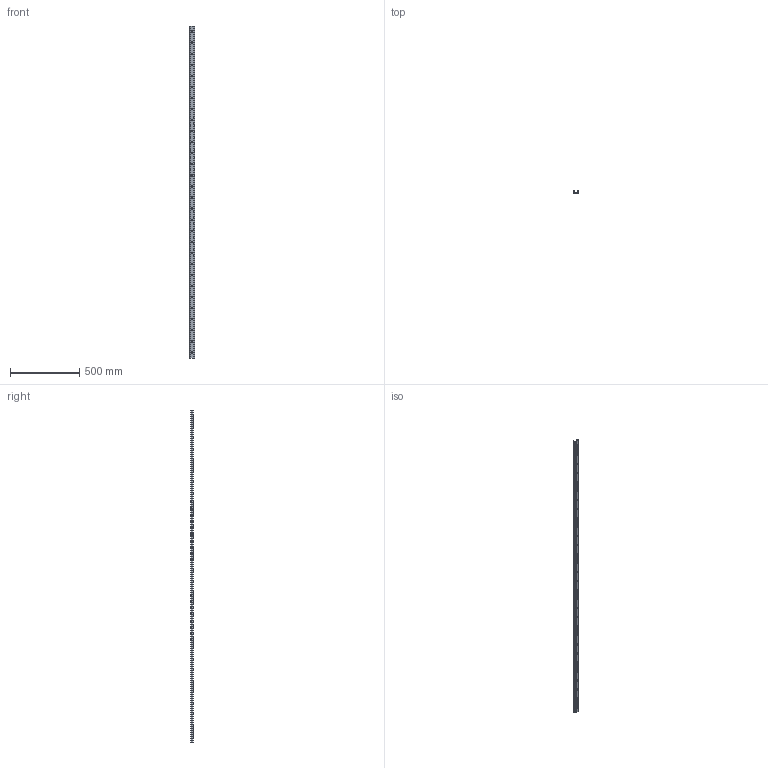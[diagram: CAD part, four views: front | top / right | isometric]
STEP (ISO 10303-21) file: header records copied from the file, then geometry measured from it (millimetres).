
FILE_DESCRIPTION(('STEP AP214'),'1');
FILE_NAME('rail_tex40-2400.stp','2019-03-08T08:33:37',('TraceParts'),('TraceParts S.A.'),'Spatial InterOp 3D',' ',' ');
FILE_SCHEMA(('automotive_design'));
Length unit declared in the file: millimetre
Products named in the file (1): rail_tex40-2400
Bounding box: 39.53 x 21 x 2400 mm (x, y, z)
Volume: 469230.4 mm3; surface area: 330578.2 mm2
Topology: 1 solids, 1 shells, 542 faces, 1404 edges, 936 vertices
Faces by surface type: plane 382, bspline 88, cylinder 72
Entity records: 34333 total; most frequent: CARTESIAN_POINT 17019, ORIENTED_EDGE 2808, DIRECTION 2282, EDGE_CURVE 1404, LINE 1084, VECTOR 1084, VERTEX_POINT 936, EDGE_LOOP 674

- **Work item**: As you output the material, omit the pictures but alter nothing else.

- **Completed exercise**:
[diagram: CAD part, four views: front | top / right | isometric]
STEP (ISO 10303-21) file: header records copied from the file, then geometry measured from it (millimetres).
FILE_DESCRIPTION(('STEP AP214'),'1');
FILE_NAME('rail_tex40-2400.stp','2019-03-08T08:33:37',('TraceParts'),('TraceParts S.A.'),'Spatial InterOp 3D',' ',' ');
FILE_SCHEMA(('automotive_design'));
Length unit declared in the file: millimetre
Products named in the file (1): rail_tex40-2400
Bounding box: 39.53 x 21 x 2400 mm (x, y, z)
Volume: 469230.4 mm3; surface area: 330578.2 mm2
Topology: 1 solids, 1 shells, 542 faces, 1404 edges, 936 vertices
Faces by surface type: plane 382, bspline 88, cylinder 72
Entity records: 34333 total; most frequent: CARTESIAN_POINT 17019, ORIENTED_EDGE 2808, DIRECTION 2282, EDGE_CURVE 1404, LINE 1084, VECTOR 1084, VERTEX_POINT 936, EDGE_LOOP 674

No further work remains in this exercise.